- [Description of the task]:
Leave out the pictures and repeat the data exactly.

Records from a data collection
• • • •

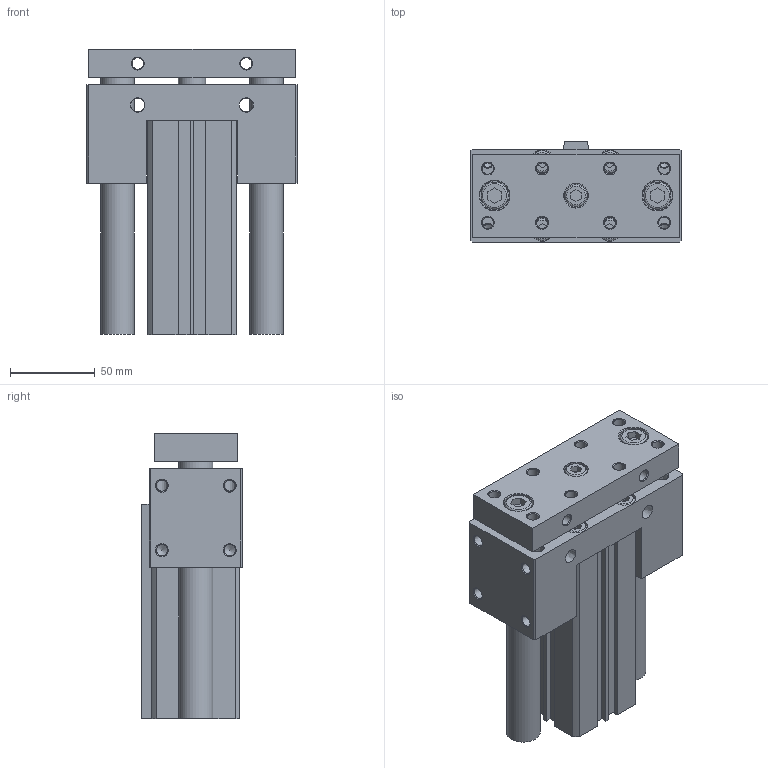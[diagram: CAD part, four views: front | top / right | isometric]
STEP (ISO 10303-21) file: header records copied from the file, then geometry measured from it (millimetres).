
FILE_DESCRIPTION((''),'2;1');
FILE_NAME('I:\3D電子目錄\氣缸\JCB\JCB\JCB40-S\JCB40x90-S.stp','2007-08-23T20:16:43',('Administrator'),(''),'Autodesk Inventor 11','Autodesk Inventor 11','');
FILE_SCHEMA(('AUTOMOTIVE_DESIGN { 1 0 10303 214 1 1 1 1 }'));
Length unit declared in the file: millimetre
Products named in the file (1): JCB40
Bounding box: 124 x 59.5 x 168.5 mm (x, y, z)
Volume: 711330.8 mm3; surface area: 147653.8 mm2
Topology: 3 solids, 3 shells, 303 faces, 731 edges, 473 vertices
Faces by surface type: plane 163, cylinder 52, cone 47, bspline 33, torus 8
Full cylindrical faces by diameter (mm): 2.2 x2, 6.647 x4, 6.8 x4, 10 x8, 13 x5, 14 x5, 16 x3, 17 x1, 17.5 x2, 20 x2, 23 x2, 28 x1, 29 x1, 42 x4, 44.5 x2
Entity records: 8528 total; most frequent: CARTESIAN_POINT 2090, DIRECTION 1302, ORIENTED_EDGE 1114, EDGE_CURVE 557, EDGE_LOOP 522, AXIS2_PLACEMENT_3D 480, VERTEX_POINT 435, VECTOR 342

• • • •

- [Exercise solution]:
[diagram: CAD part, four views: front | top / right | isometric]
STEP (ISO 10303-21) file: header records copied from the file, then geometry measured from it (millimetres).
FILE_DESCRIPTION((''),'2;1');
FILE_NAME('I:\3D電子目錄\氣缸\JCB\JCB\JCB40-S\JCB40x90-S.stp','2007-08-23T20:16:43',('Administrator'),(''),'Autodesk Inventor 11','Autodesk Inventor 11','');
FILE_SCHEMA(('AUTOMOTIVE_DESIGN { 1 0 10303 214 1 1 1 1 }'));
Length unit declared in the file: millimetre
Products named in the file (1): JCB40
Bounding box: 124 x 59.5 x 168.5 mm (x, y, z)
Volume: 711330.8 mm3; surface area: 147653.8 mm2
Topology: 3 solids, 3 shells, 303 faces, 731 edges, 473 vertices
Faces by surface type: plane 163, cylinder 52, cone 47, bspline 33, torus 8
Full cylindrical faces by diameter (mm): 2.2 x2, 6.647 x4, 6.8 x4, 10 x8, 13 x5, 14 x5, 16 x3, 17 x1, 17.5 x2, 20 x2, 23 x2, 28 x1, 29 x1, 42 x4, 44.5 x2
Entity records: 8528 total; most frequent: CARTESIAN_POINT 2090, DIRECTION 1302, ORIENTED_EDGE 1114, EDGE_CURVE 557, EDGE_LOOP 522, AXIS2_PLACEMENT_3D 480, VERTEX_POINT 435, VECTOR 342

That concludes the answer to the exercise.